C’è qui il filo di un legame profondo che tiene uniti san Giuseppe e il ministero petrino di papa Francesco, chiamato a custodire il depositum fidei, e che si racchiude dunque proprio in questo verbo: «Custodire». A Giuseppe – spiegava l’allora arcivescovo di Buenos Aires nel 2007 – Dio conferisce «l’enorme responsabilità e il privilegio di essere il padre adottivo di Suo figlio». Giuseppe è «l’uomo che custodisce, l’uomo che fa crescere, l’uomo che porta avanti ogni paternità e ogni mistero, ma non prende nulla per sé», ha detto il 20 marzo 2017 in una delle Messe mattutine a Santa Marta. «Sulla mia scrivania ho un’immagine di san Giuseppe mentre dorme e quando ho un problema o una difficoltà io scrivo un biglietto su un pezzo di carta e lo metto sotto la statua di san Giuseppe affinché lui possa sognarlo.
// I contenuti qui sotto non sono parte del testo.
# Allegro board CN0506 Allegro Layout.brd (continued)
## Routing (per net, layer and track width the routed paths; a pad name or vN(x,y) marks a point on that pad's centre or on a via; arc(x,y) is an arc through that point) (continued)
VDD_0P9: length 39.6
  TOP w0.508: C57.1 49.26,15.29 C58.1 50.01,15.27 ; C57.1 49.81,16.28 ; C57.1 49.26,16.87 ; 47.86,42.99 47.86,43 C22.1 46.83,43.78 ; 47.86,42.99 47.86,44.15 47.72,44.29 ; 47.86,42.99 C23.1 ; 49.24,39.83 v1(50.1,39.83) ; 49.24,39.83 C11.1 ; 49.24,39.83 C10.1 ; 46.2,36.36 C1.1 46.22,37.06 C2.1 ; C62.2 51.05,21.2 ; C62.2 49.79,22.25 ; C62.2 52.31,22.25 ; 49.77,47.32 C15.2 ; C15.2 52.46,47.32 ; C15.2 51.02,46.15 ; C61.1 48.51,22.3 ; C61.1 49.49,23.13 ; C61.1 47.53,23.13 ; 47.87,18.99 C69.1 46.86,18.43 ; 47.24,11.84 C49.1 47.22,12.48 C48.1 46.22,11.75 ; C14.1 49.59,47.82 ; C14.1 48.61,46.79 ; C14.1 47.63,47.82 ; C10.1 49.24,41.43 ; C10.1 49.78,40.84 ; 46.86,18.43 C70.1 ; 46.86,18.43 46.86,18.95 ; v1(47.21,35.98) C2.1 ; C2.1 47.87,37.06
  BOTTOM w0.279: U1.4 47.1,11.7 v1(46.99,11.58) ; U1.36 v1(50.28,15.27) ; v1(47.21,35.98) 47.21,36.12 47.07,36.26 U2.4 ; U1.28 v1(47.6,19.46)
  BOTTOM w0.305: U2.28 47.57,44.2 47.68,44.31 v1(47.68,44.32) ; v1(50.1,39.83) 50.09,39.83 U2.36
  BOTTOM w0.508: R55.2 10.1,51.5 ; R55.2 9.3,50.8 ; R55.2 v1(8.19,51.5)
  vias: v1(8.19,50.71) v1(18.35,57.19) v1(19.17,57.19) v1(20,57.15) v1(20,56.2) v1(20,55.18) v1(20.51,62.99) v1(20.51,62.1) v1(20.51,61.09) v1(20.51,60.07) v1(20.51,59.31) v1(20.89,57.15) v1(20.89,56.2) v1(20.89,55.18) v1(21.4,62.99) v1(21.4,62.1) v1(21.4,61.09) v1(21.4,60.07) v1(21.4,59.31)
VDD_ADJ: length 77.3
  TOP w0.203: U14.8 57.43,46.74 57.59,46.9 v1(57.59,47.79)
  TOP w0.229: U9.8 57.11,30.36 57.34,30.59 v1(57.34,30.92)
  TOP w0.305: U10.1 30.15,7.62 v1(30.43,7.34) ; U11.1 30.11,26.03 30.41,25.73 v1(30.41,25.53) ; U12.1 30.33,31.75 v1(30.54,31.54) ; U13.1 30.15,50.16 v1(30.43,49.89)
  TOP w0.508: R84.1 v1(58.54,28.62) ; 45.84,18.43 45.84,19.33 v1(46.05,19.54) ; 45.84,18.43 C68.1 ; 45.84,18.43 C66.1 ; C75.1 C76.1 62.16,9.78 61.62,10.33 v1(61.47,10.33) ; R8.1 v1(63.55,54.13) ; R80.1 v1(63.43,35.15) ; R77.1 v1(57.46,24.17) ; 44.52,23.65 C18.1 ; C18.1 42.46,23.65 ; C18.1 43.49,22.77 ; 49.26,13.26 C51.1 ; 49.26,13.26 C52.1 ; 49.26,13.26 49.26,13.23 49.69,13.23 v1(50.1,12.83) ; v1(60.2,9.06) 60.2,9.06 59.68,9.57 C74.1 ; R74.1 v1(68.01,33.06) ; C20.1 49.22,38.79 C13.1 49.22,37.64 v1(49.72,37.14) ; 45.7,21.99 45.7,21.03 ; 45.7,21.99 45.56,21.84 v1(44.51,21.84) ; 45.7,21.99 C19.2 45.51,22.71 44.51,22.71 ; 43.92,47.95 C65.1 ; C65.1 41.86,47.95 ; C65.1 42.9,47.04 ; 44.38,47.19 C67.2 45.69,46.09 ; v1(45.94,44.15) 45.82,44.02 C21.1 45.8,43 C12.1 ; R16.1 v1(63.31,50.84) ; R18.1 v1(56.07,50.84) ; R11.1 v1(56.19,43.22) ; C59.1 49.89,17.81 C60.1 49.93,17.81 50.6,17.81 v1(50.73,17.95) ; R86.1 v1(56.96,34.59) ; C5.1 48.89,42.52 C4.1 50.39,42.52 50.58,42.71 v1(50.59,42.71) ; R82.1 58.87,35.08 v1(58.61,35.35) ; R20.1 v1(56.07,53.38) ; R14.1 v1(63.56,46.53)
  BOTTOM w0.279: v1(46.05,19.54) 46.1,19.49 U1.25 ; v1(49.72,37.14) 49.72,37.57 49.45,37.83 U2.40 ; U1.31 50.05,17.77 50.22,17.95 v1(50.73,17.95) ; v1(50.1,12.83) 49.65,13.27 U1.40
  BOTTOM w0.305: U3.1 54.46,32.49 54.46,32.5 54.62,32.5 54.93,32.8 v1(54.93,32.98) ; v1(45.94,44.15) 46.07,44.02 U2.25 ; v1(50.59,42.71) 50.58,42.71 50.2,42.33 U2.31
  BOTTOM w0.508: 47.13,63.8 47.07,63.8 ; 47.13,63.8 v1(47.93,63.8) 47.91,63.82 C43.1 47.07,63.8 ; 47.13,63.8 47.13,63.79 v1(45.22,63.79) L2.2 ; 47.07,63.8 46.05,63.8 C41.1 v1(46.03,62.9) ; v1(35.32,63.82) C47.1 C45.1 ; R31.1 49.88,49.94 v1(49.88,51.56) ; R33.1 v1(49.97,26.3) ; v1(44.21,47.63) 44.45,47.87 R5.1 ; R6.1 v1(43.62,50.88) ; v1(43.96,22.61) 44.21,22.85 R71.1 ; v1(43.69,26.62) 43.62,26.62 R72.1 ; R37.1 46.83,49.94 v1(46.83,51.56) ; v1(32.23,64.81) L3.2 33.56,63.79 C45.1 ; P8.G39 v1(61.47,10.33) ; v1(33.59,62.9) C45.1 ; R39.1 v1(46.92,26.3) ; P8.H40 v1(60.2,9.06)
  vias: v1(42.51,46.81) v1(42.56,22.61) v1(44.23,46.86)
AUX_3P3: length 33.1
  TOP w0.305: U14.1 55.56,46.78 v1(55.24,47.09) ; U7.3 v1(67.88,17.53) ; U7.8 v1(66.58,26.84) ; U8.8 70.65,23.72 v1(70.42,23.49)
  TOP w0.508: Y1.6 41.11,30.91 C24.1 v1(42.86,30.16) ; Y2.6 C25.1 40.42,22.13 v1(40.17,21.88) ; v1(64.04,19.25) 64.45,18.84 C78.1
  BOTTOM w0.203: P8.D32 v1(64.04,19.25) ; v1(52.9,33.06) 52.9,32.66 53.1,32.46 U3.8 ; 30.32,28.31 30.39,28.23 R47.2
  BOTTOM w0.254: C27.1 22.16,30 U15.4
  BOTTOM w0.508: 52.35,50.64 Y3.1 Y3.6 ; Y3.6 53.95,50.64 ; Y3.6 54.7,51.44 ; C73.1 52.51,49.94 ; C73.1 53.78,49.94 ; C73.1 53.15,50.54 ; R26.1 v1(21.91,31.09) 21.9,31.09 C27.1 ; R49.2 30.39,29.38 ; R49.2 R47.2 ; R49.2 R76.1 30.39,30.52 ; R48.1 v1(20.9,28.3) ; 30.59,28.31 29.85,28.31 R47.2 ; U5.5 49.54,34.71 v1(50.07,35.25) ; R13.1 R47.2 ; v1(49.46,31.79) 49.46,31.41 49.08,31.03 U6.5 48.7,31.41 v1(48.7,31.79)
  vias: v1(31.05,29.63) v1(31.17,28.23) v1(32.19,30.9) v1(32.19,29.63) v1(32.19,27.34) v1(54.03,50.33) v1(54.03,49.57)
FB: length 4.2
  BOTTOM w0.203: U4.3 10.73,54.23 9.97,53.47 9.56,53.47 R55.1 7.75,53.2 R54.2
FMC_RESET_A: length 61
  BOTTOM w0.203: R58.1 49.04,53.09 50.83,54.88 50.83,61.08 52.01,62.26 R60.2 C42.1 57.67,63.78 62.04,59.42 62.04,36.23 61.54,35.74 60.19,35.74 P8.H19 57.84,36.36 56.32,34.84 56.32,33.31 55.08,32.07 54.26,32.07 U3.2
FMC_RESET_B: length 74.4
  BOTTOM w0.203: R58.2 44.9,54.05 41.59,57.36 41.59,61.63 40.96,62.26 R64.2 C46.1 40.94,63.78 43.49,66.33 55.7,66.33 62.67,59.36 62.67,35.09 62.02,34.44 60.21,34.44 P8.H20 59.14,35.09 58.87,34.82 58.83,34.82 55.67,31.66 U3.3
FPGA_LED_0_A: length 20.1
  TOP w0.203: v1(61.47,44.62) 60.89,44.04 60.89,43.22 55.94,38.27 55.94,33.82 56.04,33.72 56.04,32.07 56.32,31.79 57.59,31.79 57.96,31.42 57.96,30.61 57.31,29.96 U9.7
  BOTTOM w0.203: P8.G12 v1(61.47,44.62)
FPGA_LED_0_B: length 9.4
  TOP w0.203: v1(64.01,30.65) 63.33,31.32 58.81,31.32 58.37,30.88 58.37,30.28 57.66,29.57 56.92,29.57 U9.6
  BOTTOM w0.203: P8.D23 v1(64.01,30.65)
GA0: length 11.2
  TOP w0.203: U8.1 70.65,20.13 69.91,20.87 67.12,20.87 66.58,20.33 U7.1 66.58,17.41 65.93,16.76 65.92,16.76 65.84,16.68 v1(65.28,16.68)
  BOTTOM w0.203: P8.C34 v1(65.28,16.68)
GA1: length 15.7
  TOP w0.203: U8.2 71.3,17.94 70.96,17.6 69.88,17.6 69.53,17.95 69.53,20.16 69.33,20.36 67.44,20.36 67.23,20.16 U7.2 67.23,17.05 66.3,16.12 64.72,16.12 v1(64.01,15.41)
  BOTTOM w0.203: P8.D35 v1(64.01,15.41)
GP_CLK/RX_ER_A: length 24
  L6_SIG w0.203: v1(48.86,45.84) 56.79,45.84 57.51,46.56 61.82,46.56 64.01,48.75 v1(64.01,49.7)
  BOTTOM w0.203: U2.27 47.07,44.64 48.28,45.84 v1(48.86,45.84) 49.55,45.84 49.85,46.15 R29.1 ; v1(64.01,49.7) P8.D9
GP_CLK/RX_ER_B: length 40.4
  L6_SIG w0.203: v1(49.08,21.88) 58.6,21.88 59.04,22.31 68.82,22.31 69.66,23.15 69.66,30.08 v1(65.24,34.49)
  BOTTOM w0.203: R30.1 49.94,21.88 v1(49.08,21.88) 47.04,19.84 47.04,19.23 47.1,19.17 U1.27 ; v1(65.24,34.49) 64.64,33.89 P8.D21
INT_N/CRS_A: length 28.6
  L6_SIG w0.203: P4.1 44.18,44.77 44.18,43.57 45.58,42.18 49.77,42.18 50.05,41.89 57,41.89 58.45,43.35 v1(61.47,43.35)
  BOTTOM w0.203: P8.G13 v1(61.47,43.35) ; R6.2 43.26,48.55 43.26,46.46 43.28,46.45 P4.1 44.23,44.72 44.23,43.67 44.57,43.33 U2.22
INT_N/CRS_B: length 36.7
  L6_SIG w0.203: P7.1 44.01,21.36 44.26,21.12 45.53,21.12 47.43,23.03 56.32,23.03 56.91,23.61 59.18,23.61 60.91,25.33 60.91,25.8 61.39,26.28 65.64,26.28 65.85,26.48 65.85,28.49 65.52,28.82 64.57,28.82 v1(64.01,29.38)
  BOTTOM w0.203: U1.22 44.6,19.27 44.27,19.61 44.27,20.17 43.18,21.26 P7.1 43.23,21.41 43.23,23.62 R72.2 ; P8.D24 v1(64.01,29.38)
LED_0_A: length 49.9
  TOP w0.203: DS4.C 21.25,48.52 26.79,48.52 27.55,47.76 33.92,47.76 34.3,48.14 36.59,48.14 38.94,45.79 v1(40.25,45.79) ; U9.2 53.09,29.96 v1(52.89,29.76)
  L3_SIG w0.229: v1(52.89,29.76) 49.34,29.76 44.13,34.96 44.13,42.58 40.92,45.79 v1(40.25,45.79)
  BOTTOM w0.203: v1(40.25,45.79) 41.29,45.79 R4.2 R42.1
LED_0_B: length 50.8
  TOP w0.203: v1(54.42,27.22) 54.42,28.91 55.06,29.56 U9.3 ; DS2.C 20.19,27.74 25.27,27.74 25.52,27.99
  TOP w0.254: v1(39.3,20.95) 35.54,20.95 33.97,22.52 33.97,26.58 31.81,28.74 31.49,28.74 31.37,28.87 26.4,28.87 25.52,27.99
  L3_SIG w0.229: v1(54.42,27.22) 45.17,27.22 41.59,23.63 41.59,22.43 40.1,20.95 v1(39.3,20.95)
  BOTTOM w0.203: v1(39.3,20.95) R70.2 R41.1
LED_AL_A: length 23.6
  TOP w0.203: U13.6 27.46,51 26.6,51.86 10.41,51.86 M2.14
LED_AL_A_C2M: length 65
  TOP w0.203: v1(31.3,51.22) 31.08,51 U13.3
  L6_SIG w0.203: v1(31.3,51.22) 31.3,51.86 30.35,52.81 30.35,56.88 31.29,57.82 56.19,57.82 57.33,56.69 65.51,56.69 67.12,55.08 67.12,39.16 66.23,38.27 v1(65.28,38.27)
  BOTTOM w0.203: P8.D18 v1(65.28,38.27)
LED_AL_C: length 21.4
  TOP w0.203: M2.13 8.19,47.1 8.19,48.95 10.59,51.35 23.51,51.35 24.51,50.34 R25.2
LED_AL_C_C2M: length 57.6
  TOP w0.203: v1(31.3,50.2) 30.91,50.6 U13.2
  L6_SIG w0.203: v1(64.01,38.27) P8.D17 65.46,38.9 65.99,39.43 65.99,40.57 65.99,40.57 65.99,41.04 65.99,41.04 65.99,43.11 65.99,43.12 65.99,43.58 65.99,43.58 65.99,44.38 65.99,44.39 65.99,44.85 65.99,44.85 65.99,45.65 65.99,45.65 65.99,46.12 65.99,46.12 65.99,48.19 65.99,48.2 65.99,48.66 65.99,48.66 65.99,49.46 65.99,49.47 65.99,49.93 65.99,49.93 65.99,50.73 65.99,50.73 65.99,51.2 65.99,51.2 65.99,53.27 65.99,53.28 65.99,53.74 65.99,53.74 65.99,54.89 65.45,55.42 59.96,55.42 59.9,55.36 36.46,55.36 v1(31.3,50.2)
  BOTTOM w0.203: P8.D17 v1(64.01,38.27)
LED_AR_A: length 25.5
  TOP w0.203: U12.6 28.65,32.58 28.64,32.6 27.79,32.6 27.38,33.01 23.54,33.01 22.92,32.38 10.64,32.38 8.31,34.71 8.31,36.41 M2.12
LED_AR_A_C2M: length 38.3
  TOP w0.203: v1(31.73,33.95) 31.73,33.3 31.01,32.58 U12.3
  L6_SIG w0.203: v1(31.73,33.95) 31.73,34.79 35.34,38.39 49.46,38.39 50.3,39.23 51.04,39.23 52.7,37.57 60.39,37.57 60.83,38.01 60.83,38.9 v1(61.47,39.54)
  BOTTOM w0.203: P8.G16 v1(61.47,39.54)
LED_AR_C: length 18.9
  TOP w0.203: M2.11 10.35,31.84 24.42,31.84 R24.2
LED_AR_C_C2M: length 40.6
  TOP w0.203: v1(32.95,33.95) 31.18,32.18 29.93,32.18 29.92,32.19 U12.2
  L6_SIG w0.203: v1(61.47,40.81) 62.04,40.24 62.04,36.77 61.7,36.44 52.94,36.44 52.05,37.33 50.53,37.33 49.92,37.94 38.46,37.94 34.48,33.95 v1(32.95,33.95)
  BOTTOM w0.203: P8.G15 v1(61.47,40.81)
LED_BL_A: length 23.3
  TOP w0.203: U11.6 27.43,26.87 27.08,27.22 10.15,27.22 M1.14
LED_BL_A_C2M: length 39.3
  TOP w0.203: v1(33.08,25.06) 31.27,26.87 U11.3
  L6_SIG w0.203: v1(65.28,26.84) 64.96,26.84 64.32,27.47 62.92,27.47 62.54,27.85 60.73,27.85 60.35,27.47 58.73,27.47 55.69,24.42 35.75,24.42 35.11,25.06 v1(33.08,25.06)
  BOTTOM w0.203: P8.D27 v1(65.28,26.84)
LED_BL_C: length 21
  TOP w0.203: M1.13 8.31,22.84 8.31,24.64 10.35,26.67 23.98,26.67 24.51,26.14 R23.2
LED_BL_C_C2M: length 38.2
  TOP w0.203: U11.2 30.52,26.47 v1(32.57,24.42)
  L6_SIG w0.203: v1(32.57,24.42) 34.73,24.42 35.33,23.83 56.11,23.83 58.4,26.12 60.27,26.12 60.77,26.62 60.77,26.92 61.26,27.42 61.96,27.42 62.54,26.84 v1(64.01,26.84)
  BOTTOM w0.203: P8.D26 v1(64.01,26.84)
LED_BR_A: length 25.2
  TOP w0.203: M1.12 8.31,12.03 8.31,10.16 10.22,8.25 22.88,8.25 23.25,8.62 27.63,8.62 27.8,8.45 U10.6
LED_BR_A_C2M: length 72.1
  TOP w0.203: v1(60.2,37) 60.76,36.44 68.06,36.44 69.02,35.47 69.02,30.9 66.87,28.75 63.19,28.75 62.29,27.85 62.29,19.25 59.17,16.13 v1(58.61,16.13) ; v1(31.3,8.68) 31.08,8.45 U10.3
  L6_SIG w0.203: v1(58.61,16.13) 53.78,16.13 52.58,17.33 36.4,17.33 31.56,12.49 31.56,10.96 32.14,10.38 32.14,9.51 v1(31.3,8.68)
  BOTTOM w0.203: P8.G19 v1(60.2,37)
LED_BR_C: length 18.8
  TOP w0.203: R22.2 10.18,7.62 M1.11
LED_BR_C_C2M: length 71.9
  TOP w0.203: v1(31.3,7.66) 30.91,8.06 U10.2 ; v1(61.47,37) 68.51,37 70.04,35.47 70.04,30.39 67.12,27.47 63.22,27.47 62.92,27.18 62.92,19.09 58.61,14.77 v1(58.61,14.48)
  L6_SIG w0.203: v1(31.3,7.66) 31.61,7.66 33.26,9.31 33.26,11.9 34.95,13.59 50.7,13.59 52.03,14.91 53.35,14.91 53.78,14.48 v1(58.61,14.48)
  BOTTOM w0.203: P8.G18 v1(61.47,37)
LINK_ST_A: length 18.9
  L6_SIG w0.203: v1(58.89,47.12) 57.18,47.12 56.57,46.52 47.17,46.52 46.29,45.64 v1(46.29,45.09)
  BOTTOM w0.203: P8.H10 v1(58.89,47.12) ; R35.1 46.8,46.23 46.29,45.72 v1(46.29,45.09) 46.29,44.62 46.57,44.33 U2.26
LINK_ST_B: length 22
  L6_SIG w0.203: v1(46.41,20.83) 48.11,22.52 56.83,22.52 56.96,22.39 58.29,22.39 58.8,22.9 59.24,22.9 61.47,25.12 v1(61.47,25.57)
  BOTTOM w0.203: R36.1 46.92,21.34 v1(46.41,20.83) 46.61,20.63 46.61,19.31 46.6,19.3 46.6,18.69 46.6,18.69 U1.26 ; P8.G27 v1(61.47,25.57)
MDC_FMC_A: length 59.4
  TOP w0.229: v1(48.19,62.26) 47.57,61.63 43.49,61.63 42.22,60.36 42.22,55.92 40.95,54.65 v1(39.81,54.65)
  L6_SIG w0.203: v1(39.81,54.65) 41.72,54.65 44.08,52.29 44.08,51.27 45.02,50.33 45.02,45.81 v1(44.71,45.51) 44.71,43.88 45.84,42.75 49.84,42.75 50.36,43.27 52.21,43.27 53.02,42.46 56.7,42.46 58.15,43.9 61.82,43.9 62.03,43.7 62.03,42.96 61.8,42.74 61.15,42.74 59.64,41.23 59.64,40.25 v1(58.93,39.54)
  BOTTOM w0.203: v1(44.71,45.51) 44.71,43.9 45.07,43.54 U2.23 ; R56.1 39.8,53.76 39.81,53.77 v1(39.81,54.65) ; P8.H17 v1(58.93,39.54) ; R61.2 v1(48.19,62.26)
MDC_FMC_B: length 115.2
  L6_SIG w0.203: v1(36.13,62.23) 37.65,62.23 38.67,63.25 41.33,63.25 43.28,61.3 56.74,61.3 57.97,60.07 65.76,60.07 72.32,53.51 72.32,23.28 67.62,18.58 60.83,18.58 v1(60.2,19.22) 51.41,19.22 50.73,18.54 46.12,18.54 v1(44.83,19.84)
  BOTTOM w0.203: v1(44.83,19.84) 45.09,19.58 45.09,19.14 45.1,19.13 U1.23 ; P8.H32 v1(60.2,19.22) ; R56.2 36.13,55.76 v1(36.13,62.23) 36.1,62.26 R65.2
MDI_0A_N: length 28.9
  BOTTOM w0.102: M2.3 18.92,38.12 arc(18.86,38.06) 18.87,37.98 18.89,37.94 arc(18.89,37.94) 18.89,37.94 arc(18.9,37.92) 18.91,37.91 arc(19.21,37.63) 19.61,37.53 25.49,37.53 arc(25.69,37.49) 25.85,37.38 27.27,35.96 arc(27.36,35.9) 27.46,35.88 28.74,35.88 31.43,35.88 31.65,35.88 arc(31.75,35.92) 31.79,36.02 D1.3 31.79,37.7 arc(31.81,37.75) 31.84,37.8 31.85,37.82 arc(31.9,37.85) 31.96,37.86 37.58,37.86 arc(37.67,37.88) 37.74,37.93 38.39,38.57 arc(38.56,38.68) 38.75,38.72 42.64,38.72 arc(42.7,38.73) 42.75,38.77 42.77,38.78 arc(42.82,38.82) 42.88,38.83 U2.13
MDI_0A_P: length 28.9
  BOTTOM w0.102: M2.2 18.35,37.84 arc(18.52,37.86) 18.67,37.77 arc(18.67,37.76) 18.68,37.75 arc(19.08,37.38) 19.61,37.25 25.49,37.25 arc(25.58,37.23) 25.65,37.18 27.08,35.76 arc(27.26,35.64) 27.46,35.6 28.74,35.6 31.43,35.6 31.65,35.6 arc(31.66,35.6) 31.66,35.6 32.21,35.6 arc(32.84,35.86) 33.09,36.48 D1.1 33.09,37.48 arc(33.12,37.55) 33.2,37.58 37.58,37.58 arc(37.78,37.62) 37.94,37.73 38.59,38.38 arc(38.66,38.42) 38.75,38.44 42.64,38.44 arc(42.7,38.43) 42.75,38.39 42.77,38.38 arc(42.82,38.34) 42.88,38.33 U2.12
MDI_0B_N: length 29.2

Questo gesto significa: prega per questo problema!», disse ancora nel 2015 a Manila nell’incontro con le famiglie, e aggiunse: «Giuseppe è l’uomo che agisce anche quando dorme perché sogna quello che Dio vuole». Fin dall’omelia per la Messa d’inizio del suo ministero petrino Francesco si è soffermato a lungo su questo. «Giuseppe è “custode”, perché sa ascoltare Dio, si lascia guidare dalla sua volontà, e proprio per questo è ancora più sensibile alle persone che gli sono affidate, sa leggere con realismo gli avvenimenti, è attento a ciò che lo circonda, e sa prendere le decisioni più sagge. In lui vediamo come si risponde alla vocazione di Dio, con disponibilità, con prontezza, ma vediamo anche qual è il centro della vocazione cristiana: Cristo! Custodiamo Cristo nella nostra vita, per custodire gli altri, per custodire il creato!». Una strada indicata anche alla responsabilità di ciascuno: «È il custodire l’intero creato, la bellezza del creato, come ci viene detto nel Libro della Genesi e come ci ha mostrato san Francesco d’Assisi».
E già allora disse che quando «si viene meno a questa responsabilità di custodire, quando non ci prendiamo cura del creato e dei fratelli, allora trova spazio la distruzione e il cuore inaridisce. In ogni epoca della storia, purtroppo, ci sono degli “Erode” che tramano disegni di morte, distruggono e deturpano il volto dell’uomo e della donna». E concluse: «Vorrei chiedere, per favore, a tutti coloro che occupano ruoli di responsabilità in ambito economico, politico o sociale, a tutti gli uomini e le donne di buona volontà: siamo “custodi” della creazione, del disegno di Dio iscritto nella natura, custodi dell’altro, dell’ambiente; non lasciamo che segni di distruzione e di morte accompagnino il cammino di questo nostro mondo!». Oggi, più che mai, quelle parole ci sono di sostegno e di conforto nella preghiera a Maria, e con lei al Santo Custode, per la fine della pandemia.